It’s pretty common for a combo meal to cost less than the sum of its parts, but I don’t know why. If I didn’t want the chips (yeah, right) I would just take them and hoard them for a later time.
I don’t know how widespread the Little Caesar’s Pizza chain is, but they do a similar deal. The have (really good) breadsticks called Crazy Bread. They’re bathed in butter and sprinkled with plenty of mozzerella (sp?), so I like to eat them as they are. They have “crazy sauce” which is just pizza sauce, and I don’t really need it. If you get just the sticks, it’s one price, but if you get the “special”, which is sticks+sauce, it’s like 30 cents cheaper. And they WILL NOT just keep the sauce, the guy says he’ll get in trouble if he doesn’t give it to me. This is so stupid. I’ve even tried taking it directly out of their hands and throwing it away right in front of them, but they don’t care. The next time (they knew me there) they would still insist I take it. I eventually stopped going there.
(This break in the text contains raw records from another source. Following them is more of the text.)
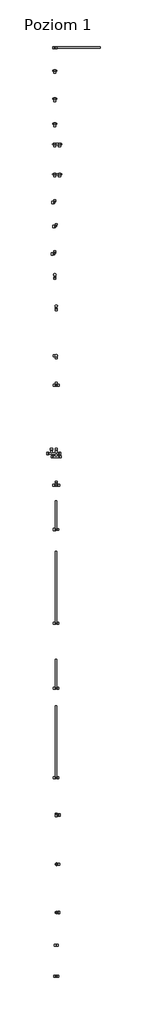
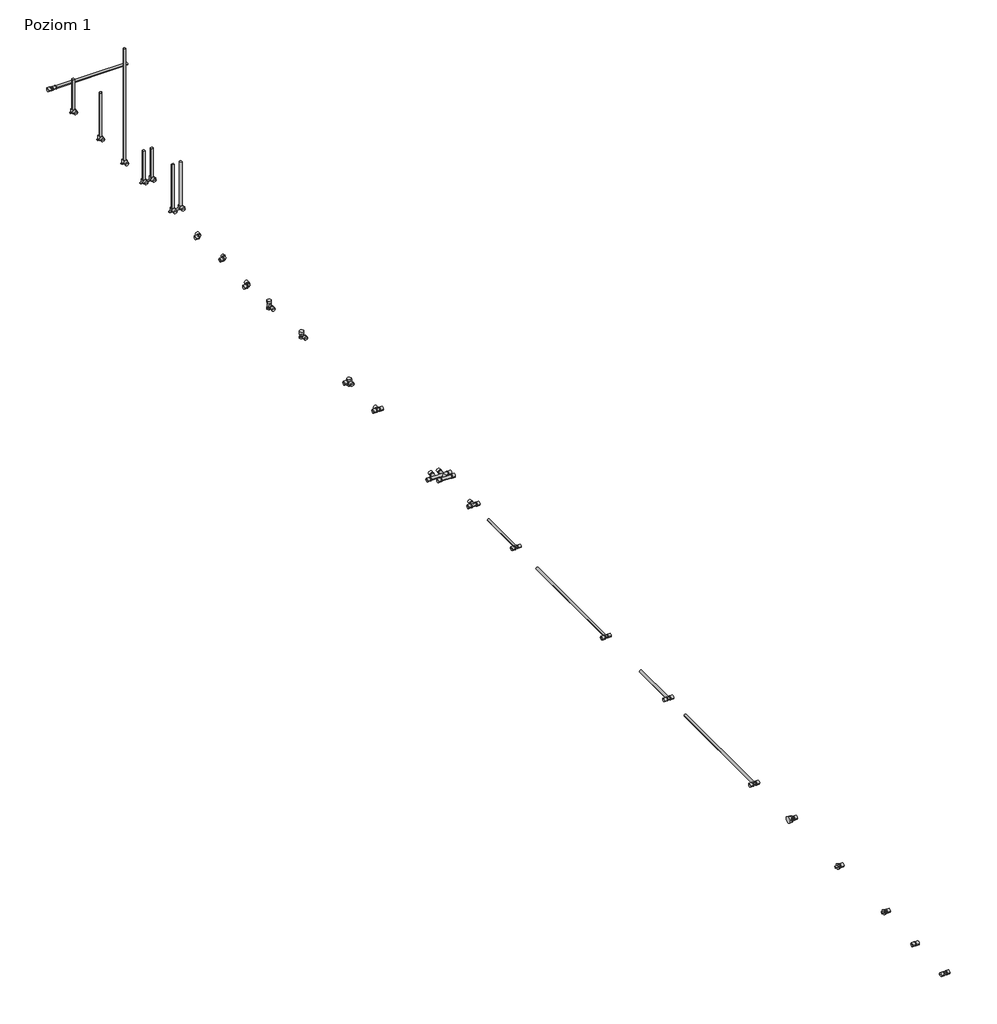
# One storey, incomplete: 24 pipe fittings.
"""IFC4 building model written with IfcOpenShell, lengths in millimetres."""

from ifc_helpers import new_model, si_unit, origin, place, context, project, spatial, transform, mapped, element, save
from components import pipe_fitting_b7bc9902, pipe_fitting_e040945a, pipe_fitting_42ea6e93, pipe_fitting_182be3bf, pipe_fitting_f2d528ed, pipe_fitting_952cee33, pipe_fitting_1cb3a0dc, pipe_fitting_71039134, pipe_fitting_d25bedc2, pipe_fitting_20f2416b, pipe_fitting_8b100cbf, pipe_fitting_04f32304, pipe_fitting_6474cc42, pipe_fitting_632f2332, pipe_fitting_9f7363b6, pipe_fitting_bddaeb39, pipe_fitting_2eb1ac7f, pipe_fitting_55ffaf2d, pipe_fitting_d329eff9, pipe_fitting_58463357, pipe_fitting_f6f2416c, pipe_fitting_cfe5aa1c, pipe_fitting_43363160, pipe_fitting_3afa9204

model = new_model("IFC4")

# Units and contexts
model_context = context("Model", 3, world=origin())
ifc_project = project(units=[si_unit("LENGTHUNIT", "METRE", prefix="MILLI")], contexts=[model_context])

# Site, building, storey
site = spatial("IfcSite", under=ifc_project)
building = spatial("IfcBuilding", under=site)
storey = spatial("IfcBuildingStorey", under=building, Name="Poziom 1", Elevation=0.0)

# Pipe fittings
placement = place(None, origin())
pipe_fitting_shape = pipe_fitting_b7bc9902(model_context)
element("IfcPipeFitting", 1, ObjectType="KAN-therm Push 18x2 złączka z gz 1-2 : KAN-therm Push 18x2 złączka z gz 1-2", at=placement, inside=storey, context=model_context, shape_type="MappedRepresentation", body=[
    mapped(pipe_fitting_shape, transform((-814.0709163, 10618.3605197, 0.0), x_axis=(1.0, 0.0, 0.0), y_axis=(0.0, 1.0, 0.0), z_axis=(0.0, 0.0, 1.0))),
])
pipe_fitting_2_shape = pipe_fitting_e040945a(model_context)
element("IfcPipeFitting", 2, ObjectType="KAN-therm Push 18x2 element połaczeniowy do grzejnika : KAN-therm Push 18x2 element połaczeniowy do grzejnika", at=placement, inside=storey, context=model_context, shape_type="MappedRepresentation", body=[
    mapped(pipe_fitting_2_shape, transform((-829.0776626, 19658.8641221, 0.0), x_axis=(1.0, 0.0, 0.0), y_axis=(0.0, 1.0, 0.0), z_axis=(0.0, 0.0, 1.0))),
])
pipe_fitting_3_shape = pipe_fitting_42ea6e93(model_context)
element("IfcPipeFitting", 3, ObjectType="KAN-therm Push 18x2 kolanko z rurą Cu15 ze wspornikiem L=210 : KAN-therm Push 18x2 kolanko z rurą Cu15 ze wspornikiem L=210", at=placement, inside=storey, context=model_context, shape_type="MappedRepresentation", body=[
    mapped(pipe_fitting_3_shape, transform((-829.0776626, 19419.6754404, 0.0), x_axis=(1.0, 0.0, 0.0), y_axis=(0.0, 1.0, 0.0), z_axis=(0.0, 0.0, 1.0))),
])
pipe_fitting_4_shape = pipe_fitting_182be3bf(model_context)
element("IfcPipeFitting", 4, ObjectType="KAN-therm Push 18x2 kolanko z rurą Cu15 ze wspornikiem L=300 : KAN-therm Push 18x2 kolanko z rurą Cu15 ze wspornikiem L=300", at=placement, inside=storey, context=model_context, shape_type="MappedRepresentation", body=[
    mapped(pipe_fitting_4_shape, transform((-829.0776626, 19124.0010004, 0.0), x_axis=(1.0, 0.0, 0.0), y_axis=(0.0, 1.0, 0.0), z_axis=(0.0, 0.0, 1.0))),
])
pipe_fitting_5_shape = pipe_fitting_f2d528ed(model_context)
element("IfcPipeFitting", 5, ObjectType="KAN-therm Push 18x2 kolanko z rurą Cu15 ze wspornikiem L=750 : KAN-therm Push 18x2 kolanko z rurą Cu15 ze wspornikiem L=750", at=placement, inside=storey, context=model_context, shape_type="MappedRepresentation", body=[
    mapped(pipe_fitting_5_shape, transform((-829.0776626, 18862.1593532, 0.0), x_axis=(1.0, 0.0, 0.0), y_axis=(0.0, 1.0, 0.0), z_axis=(0.0, 0.0, 1.0))),
])
pipe_fitting_6_shape = pipe_fitting_952cee33(model_context)
element("IfcPipeFitting", 6, ObjectType="KAN-therm Push 18x2 kolanko zespolone ze wspornikiem L=200 : KAN-therm Push 18x2 kolanko zespolone ze wspornikiem L=200", at=placement, inside=storey, context=model_context, shape_type="MappedRepresentation", body=[
    mapped(pipe_fitting_6_shape, transform((-829.0776626, 18651.1518298, 0.0), x_axis=(1.0, 0.0, 0.0), y_axis=(0.0, 1.0, 0.0), z_axis=(0.0, 0.0, 1.0))),
])
pipe_fitting_7_shape = pipe_fitting_1cb3a0dc(model_context)
element("IfcPipeFitting", 7, ObjectType="KAN-therm Push 18x2 kolanko zespolone ze wspornikiem L=300 : KAN-therm Push 18x2 kolanko zespolone ze wspornikiem L=300", at=placement, inside=storey, context=model_context, shape_type="MappedRepresentation", body=[
    mapped(pipe_fitting_7_shape, transform((-829.0776626, 18335.8532315, 0.0), x_axis=(1.0, 0.0, 0.0), y_axis=(0.0, 1.0, 0.0), z_axis=(0.0, 0.0, 1.0))),
])
pipe_fitting_8_shape = pipe_fitting_71039134(model_context)
element("IfcPipeFitting", 8, ObjectType="KAN-therm Push 18x2 kolano gz 1-2 : KAN-therm Push 18x2 kolano gz 1-2", at=placement, inside=storey, context=model_context, shape_type="MappedRepresentation", body=[
    mapped(pipe_fitting_8_shape, transform((-814.0709163, 17790.1441193, 0.0), x_axis=(1.0, 0.0, 0.0), y_axis=(0.0, 1.0, 0.0), z_axis=(0.0, 0.0, 1.0))),
])
pipe_fitting_9_shape = pipe_fitting_d25bedc2(model_context)
element("IfcPipeFitting", 9, ObjectType="KAN-therm Push 18x2 kolano PPSU : KAN-therm Push 18x2 kolano PPSU", at=placement, inside=storey, context=model_context, shape_type="MappedRepresentation", body=[
    mapped(pipe_fitting_9_shape, transform((-829.0776626, 17501.5246332, 0.0), x_axis=(1.0, 0.0, 0.0), y_axis=(0.0, 1.0, 0.0), z_axis=(0.0, 0.0, 1.0))),
])
pipe_fitting_10_shape = pipe_fitting_20f2416b(model_context)
element("IfcPipeFitting", 10, ObjectType="KAN-therm Push 18x2 kolano : KAN-therm Push 18x2 kolano", at=placement, inside=storey, context=model_context, shape_type="MappedRepresentation", body=[
    mapped(pipe_fitting_10_shape, transform((-829.0776626, 18039.957624, 0.0), x_axis=(1.0, 0.0, 0.0), y_axis=(0.0, 1.0, 0.0), z_axis=(0.0, 0.0, 1.0))),
])
pipe_fitting_11_shape = pipe_fitting_8b100cbf(model_context)
element("IfcPipeFitting", 11, ObjectType="KAN-therm Push 18x2 łącznik PPSU : KAN-therm Push 18x2 łącznik PPSU", at=placement, inside=storey, context=model_context, shape_type="MappedRepresentation", body=[
    mapped(pipe_fitting_11_shape, transform((-814.0709163, 9950.3843592, 0.0), x_axis=(1.0, 0.0, 0.0), y_axis=(0.0, 1.0, 0.0), z_axis=(0.0, 0.0, 1.0))),
])
pipe_fitting_12_shape = pipe_fitting_04f32304(model_context)
element("IfcPipeFitting", 12, ObjectType="KAN-therm Push 18x2 łącznik : KAN-therm Push 18x2 łącznik", at=placement, inside=storey, context=model_context, shape_type="MappedRepresentation", body=[
    mapped(pipe_fitting_12_shape, transform((-814.0709163, 10274.0429112, 0.0), x_axis=(1.0, 0.0, 0.0), y_axis=(0.0, 1.0, 0.0), z_axis=(0.0, 0.0, 1.0))),
])
pipe_fitting_13_shape = pipe_fitting_6474cc42(model_context)
element("IfcPipeFitting", 13, ObjectType="KAN-therm Push 18x2 podejście do baterii długie : KAN-therm Push 18x2 podejście do baterii długie", at=placement, inside=storey, context=model_context, shape_type="MappedRepresentation", body=[
    mapped(pipe_fitting_13_shape, transform((-829.0776626, 17285.6663621, 0.0), x_axis=(1.0, 0.0, 0.0), y_axis=(0.0, 1.0, 0.0), z_axis=(0.0, 0.0, 1.0))),
])
pipe_fitting_14_shape = pipe_fitting_632f2332(model_context)
element("IfcPipeFitting", 14, ObjectType="KAN-therm Push 18x2 podejście do baterii krótkie : KAN-therm Push 18x2 podejście do baterii krótkie", at=placement, inside=storey, context=model_context, shape_type="MappedRepresentation", body=[
    mapped(pipe_fitting_14_shape, transform((-814.0709163, 16958.2408947, 0.0), x_axis=(1.0, 0.0, 0.0), y_axis=(0.0, 1.0, 0.0), z_axis=(0.0, 0.0, 1.0))),
])
pipe_fitting_15_shape = pipe_fitting_9f7363b6(model_context)
element("IfcPipeFitting", 15, ObjectType="KAN-therm Push 18x2 podejście kątowe do baterii : KAN-therm Push 18x2 podejście kątowe do baterii", at=placement, inside=storey, context=model_context, shape_type="MappedRepresentation", body=[
    mapped(pipe_fitting_15_shape, transform((-814.0709163, 16439.2108946, 0.0), x_axis=(1.0, 0.0, 0.0), y_axis=(0.0, 1.0, 0.0), z_axis=(0.0, 0.0, 1.0))),
])
pipe_fitting_16_shape = pipe_fitting_bddaeb39(model_context)
element("IfcPipeFitting", 16, ObjectType="KAN-therm Push 18x2 trójnik mijankowy : KAN-therm Push 18x2 trójnik mijankowy", at=placement, inside=storey, context=model_context, shape_type="MappedRepresentation", body=[
    mapped(pipe_fitting_16_shape, transform((-814.0709163, 15381.7479037, 0.0), x_axis=(1.0, 0.0, 0.0), y_axis=(0.0, 1.0, 0.0), z_axis=(0.0, 0.0, 1.0))),
])
pipe_fitting_17_shape = pipe_fitting_2eb1ac7f(model_context)
element("IfcPipeFitting", 17, ObjectType="KAN-therm Push 18x2 trójnik PPSU : KAN-therm Push 18x2 trójnik PPSU", at=placement, inside=storey, context=model_context, shape_type="MappedRepresentation", body=[
    mapped(pipe_fitting_17_shape, transform((-814.0709163, 15085.083281, 0.0), x_axis=(1.0, 0.0, 0.0), y_axis=(0.0, 1.0, 0.0), z_axis=(0.0, 0.0, 1.0))),
])
pipe_fitting_18_shape = pipe_fitting_55ffaf2d(model_context)
element("IfcPipeFitting", 18, ObjectType="KAN-therm Push 18x2 trójnik redukcyjny z rurą Cu15 L=300 : KAN-therm Push 18x2 trójnik redukcyjny z rurą Cu15 L=300", at=placement, inside=storey, context=model_context, shape_type="MappedRepresentation", body=[
    mapped(pipe_fitting_18_shape, transform((-814.0709163, 14621.836879, 0.0), x_axis=(1.0, 0.0, 0.0), y_axis=(0.0, 1.0, 0.0), z_axis=(0.0, 0.0, 1.0))),
])
pipe_fitting_19_shape = pipe_fitting_d329eff9(model_context)
element("IfcPipeFitting", 19, ObjectType="KAN-therm Push 18x2 trójnik redukcyjny z rurą Cu15 L=750 : KAN-therm Push 18x2 trójnik redukcyjny z rurą Cu15 L=750", at=placement, inside=storey, context=model_context, shape_type="MappedRepresentation", body=[
    mapped(pipe_fitting_19_shape, transform((-814.0709163, 13641.9858507, 0.0), x_axis=(1.0, 0.0, 0.0), y_axis=(0.0, 1.0, 0.0), z_axis=(0.0, 0.0, 1.0))),
])
pipe_fitting_20_shape = pipe_fitting_58463357(model_context)
element("IfcPipeFitting", 20, ObjectType="KAN-therm Push 18x2 trójnik z rurą Cu15 L=300 : KAN-therm Push 18x2 trójnik z rurą Cu15 L=300", at=placement, inside=storey, context=model_context, shape_type="MappedRepresentation", body=[
    mapped(pipe_fitting_20_shape, transform((-814.0709163, 12963.6267149, 0.0), x_axis=(1.0, 0.0, 0.0), y_axis=(0.0, 1.0, 0.0), z_axis=(0.0, 0.0, 1.0))),
])
pipe_fitting_21_shape = pipe_fitting_f6f2416c(model_context)
element("IfcPipeFitting", 21, ObjectType="KAN-therm Push 18x2 trójnik z rurą Cu15 L=750 : KAN-therm Push 18x2 trójnik z rurą Cu15 L=750", at=placement, inside=storey, context=model_context, shape_type="MappedRepresentation", body=[
    mapped(pipe_fitting_21_shape, transform((-814.0709163, 12027.7226504, 0.0), x_axis=(1.0, 0.0, 0.0), y_axis=(0.0, 1.0, 0.0), z_axis=(0.0, 0.0, 1.0))),
])
pipe_fitting_22_shape = pipe_fitting_cfe5aa1c(model_context)
element("IfcPipeFitting", 22, ObjectType="KAN-therm Push 18x2 trójnik : KAN-therm Push 18x2 trójnik", at=placement, inside=storey, context=model_context, shape_type="MappedRepresentation", body=[
    mapped(pipe_fitting_22_shape, transform((-814.0709163, 16128.7630441, 0.0), x_axis=(1.0, 0.0, 0.0), y_axis=(0.0, 1.0, 0.0), z_axis=(0.0, 0.0, 1.0))),
])
pipe_fitting_23_shape = pipe_fitting_43363160(model_context)
element("IfcPipeFitting", 23, ObjectType="KAN-therm Push 18x2 złączka PPSU z gw : KAN-therm Push 18x2 złączka PPSU z gw", at=placement, inside=storey, context=model_context, shape_type="MappedRepresentation", body=[
    mapped(pipe_fitting_23_shape, transform((-814.0709163, 11637.540641, 0.0), x_axis=(1.0, 0.0, 0.0), y_axis=(0.0, 1.0, 0.0), z_axis=(0.0, 0.0, 1.0))),
])
pipe_fitting_24_shape = pipe_fitting_3afa9204(model_context)
element("IfcPipeFitting", 24, ObjectType="KAN-therm Push 18x2 złączka z gw 1-2 : KAN-therm Push 18x2 złączka z gw 1-2", at=placement, inside=storey, context=model_context, shape_type="MappedRepresentation", body=[
    mapped(pipe_fitting_24_shape, transform((-814.0709163, 11121.0642282, 0.0), x_axis=(1.0, 0.0, 0.0), y_axis=(0.0, 1.0, 0.0), z_axis=(0.0, 0.0, 1.0))),
])

save(model, "model.ifc")

The Barbie Liberation Organization does something similar. They buy talking Barbie dolls and talking GI Joe dolls, switch the voice boxes on them, repackage everything and then slip them back on to store shelves. According to the program I saw on this, all perfectly legal. Mattel, however, is none too happy about it, of course, and it seems that the altered dolls have become quite the collectors item. (There was even a bit on these on an episode of The Simpsons wherein one of the girls at school gets a Malibu Stacey doll that says, “Did somebody put in a call for the webslinger?” in a masculine voice.)
They can’t be that much of a collector’s item - You could just buy one of each, switch the voiceboxes yourself, and voila. If you could actually sell them for much more than retail I would be surprised.
It makes sense that a combo meal of say 3 items is cheaper than the 3 items seperately. What doesn’t make sense it when it’s cheaper than 2 of the items. This happened to me to at Wendy’s. I didn’t want the fries, so I just ordered the Double & a soda. It was about 25 cents more than the combo. So I cancelled the order and got the combo.
Well, I don’t know much about it (not being interested in collecting dolls and all), but apparently, what happens is that some average schmoe gets the doll, thinks its defective, returns it to the store, and the doll gets sent back to the folks at Mattel, so there’s not too many of them in circulation. I think that the BLO folks also put something into the package so that folks know (assuming they’re smart enough to dig through the tons of packaging material that comes with everything these days) that they altered the doll. This site has a copy of one of their flyers in a PDF format. Apparently, BLO doesn’t have a website. (Strange, since is was started by a bunch of college folks with an obviously twisted sense of humor.)